#### WHAT NEEDS TO BE DONE:
Quote exactly, and only, the lines of the material below from the line with "#8939 = ADVANCED_FACE" through the line with "#10724 = VECTOR ( 'NONE', #35988, 1000. ) ;".
── DATA FOR REVIEW ──
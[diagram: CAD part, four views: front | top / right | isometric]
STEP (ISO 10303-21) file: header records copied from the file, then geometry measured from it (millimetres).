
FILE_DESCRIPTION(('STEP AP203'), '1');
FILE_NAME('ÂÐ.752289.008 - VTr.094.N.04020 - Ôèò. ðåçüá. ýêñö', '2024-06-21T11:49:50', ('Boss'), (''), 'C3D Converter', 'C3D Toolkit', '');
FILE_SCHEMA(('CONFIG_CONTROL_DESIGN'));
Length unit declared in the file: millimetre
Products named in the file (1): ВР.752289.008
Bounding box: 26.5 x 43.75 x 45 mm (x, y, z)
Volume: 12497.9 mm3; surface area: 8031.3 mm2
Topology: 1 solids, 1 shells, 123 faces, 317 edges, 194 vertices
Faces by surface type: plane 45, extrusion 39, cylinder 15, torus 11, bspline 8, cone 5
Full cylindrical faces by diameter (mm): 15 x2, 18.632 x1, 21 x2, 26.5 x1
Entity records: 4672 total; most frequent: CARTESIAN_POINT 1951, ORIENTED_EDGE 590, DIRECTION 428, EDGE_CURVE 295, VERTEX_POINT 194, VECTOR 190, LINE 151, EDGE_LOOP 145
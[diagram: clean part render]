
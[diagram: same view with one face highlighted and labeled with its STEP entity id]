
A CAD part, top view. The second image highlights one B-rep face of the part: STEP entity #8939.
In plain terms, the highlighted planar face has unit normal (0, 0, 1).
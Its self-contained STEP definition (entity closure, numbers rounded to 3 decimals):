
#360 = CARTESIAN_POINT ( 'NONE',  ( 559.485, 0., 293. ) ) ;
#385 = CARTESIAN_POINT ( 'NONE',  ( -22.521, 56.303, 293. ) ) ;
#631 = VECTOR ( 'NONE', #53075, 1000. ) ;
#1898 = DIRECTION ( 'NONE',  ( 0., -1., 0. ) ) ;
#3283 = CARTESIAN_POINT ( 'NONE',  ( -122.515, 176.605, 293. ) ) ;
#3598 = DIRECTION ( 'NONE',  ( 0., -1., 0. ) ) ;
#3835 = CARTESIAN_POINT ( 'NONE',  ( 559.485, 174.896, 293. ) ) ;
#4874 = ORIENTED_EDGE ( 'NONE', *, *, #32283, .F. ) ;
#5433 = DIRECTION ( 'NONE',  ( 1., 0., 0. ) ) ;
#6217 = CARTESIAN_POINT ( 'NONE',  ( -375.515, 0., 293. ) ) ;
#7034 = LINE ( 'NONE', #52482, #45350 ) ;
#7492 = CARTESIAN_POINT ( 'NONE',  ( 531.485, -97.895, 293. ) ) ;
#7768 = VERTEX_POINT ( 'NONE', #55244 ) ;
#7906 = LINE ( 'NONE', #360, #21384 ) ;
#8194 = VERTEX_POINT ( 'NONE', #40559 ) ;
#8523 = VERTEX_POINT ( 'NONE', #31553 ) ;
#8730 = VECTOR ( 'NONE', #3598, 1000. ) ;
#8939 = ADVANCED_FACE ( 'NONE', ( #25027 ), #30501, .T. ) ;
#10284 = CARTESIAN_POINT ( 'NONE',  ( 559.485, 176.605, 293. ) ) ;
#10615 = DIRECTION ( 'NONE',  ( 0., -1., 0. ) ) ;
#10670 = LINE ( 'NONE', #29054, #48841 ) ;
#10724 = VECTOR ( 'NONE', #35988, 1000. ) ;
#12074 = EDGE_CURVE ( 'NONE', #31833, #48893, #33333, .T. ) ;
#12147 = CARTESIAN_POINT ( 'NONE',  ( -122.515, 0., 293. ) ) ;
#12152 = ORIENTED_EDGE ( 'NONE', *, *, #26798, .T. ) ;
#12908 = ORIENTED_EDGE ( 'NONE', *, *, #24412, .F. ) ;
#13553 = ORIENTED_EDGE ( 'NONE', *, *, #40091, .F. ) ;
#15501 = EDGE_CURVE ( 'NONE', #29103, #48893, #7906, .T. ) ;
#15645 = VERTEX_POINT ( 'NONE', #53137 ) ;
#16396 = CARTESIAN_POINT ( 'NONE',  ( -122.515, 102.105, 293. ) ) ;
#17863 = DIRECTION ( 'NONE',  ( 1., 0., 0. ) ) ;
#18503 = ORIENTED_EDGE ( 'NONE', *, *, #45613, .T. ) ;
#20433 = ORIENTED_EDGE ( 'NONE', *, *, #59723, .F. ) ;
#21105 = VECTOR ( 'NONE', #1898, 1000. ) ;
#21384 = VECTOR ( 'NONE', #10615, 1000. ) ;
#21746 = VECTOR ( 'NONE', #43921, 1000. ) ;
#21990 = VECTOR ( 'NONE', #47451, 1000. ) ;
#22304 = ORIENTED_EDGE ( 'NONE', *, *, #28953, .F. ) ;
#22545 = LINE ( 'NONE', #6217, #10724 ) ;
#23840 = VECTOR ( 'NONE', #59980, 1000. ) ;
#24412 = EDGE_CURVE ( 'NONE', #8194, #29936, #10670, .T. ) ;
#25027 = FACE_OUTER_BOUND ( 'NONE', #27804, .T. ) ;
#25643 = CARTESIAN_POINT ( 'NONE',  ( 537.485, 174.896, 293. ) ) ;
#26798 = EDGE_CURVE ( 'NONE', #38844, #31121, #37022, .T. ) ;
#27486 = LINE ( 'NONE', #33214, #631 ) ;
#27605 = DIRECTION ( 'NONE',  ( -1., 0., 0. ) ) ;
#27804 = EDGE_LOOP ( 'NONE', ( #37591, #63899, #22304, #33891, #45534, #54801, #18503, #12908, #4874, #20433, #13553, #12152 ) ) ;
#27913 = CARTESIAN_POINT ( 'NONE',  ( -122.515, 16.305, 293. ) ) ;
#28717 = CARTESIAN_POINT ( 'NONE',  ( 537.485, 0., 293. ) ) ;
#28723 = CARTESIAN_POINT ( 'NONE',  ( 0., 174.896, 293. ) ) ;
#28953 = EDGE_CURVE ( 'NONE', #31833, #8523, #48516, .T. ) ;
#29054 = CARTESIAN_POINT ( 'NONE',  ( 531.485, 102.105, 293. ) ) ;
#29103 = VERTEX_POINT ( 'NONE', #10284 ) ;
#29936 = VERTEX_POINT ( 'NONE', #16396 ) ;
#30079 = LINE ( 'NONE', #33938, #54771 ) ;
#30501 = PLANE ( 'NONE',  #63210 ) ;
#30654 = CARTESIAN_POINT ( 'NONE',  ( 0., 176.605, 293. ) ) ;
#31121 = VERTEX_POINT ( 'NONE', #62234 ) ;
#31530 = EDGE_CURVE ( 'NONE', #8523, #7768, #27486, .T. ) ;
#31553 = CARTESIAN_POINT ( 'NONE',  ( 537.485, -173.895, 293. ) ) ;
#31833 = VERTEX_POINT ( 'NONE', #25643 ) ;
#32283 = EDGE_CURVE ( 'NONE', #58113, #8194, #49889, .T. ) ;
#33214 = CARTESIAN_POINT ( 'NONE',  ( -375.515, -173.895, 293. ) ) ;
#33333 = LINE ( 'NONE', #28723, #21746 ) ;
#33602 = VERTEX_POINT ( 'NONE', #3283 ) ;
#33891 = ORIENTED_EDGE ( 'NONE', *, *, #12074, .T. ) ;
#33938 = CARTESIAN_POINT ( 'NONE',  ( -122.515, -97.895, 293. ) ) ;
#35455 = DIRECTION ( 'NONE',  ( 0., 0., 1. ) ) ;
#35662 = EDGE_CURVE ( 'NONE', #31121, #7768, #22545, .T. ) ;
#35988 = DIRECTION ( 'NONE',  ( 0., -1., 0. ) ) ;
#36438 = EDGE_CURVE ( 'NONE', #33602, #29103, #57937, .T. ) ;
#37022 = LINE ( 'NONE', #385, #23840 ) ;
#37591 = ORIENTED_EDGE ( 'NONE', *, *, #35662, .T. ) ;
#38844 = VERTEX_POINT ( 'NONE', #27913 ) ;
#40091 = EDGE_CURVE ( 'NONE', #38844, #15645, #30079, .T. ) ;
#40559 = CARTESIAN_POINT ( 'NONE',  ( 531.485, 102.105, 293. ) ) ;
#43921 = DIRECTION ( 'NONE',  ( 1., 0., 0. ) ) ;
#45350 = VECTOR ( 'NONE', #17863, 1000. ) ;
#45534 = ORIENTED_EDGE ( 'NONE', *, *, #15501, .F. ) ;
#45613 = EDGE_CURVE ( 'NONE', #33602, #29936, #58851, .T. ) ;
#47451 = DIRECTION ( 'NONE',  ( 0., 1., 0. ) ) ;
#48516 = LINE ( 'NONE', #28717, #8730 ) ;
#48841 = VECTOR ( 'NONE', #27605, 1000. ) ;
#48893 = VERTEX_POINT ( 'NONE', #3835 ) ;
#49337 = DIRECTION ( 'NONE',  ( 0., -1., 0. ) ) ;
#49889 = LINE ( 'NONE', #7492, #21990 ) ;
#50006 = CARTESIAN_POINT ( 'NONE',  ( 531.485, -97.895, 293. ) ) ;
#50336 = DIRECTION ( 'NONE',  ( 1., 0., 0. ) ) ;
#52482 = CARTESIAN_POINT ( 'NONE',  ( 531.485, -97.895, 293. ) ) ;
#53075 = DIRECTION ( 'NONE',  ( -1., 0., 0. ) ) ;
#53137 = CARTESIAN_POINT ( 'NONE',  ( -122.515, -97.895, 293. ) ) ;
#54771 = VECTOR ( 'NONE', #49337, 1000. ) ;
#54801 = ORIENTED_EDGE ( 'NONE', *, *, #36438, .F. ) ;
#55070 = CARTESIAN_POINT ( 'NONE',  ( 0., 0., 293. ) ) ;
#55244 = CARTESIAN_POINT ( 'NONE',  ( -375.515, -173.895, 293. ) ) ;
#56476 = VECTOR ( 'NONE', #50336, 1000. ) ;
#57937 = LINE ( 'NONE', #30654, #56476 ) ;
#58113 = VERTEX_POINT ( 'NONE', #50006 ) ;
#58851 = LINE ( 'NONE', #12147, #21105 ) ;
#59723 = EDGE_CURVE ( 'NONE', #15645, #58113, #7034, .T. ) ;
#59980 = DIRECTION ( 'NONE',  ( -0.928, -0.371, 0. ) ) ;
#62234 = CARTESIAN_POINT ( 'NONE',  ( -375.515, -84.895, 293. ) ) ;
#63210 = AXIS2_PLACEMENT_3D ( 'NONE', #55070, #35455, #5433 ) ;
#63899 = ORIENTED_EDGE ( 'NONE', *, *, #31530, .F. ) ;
───
#### EXPECTED OUTPUT:
#8939 = ADVANCED_FACE ( 'NONE', ( #25027 ), #30501, .T. ) ;
#10284 = CARTESIAN_POINT ( 'NONE',  ( 559.485, 176.605, 293. ) ) ;
#10615 = DIRECTION ( 'NONE',  ( 0., -1., 0. ) ) ;
#10670 = LINE ( 'NONE', #29054, #48841 ) ;
#10724 = VECTOR ( 'NONE', #35988, 1000. ) ;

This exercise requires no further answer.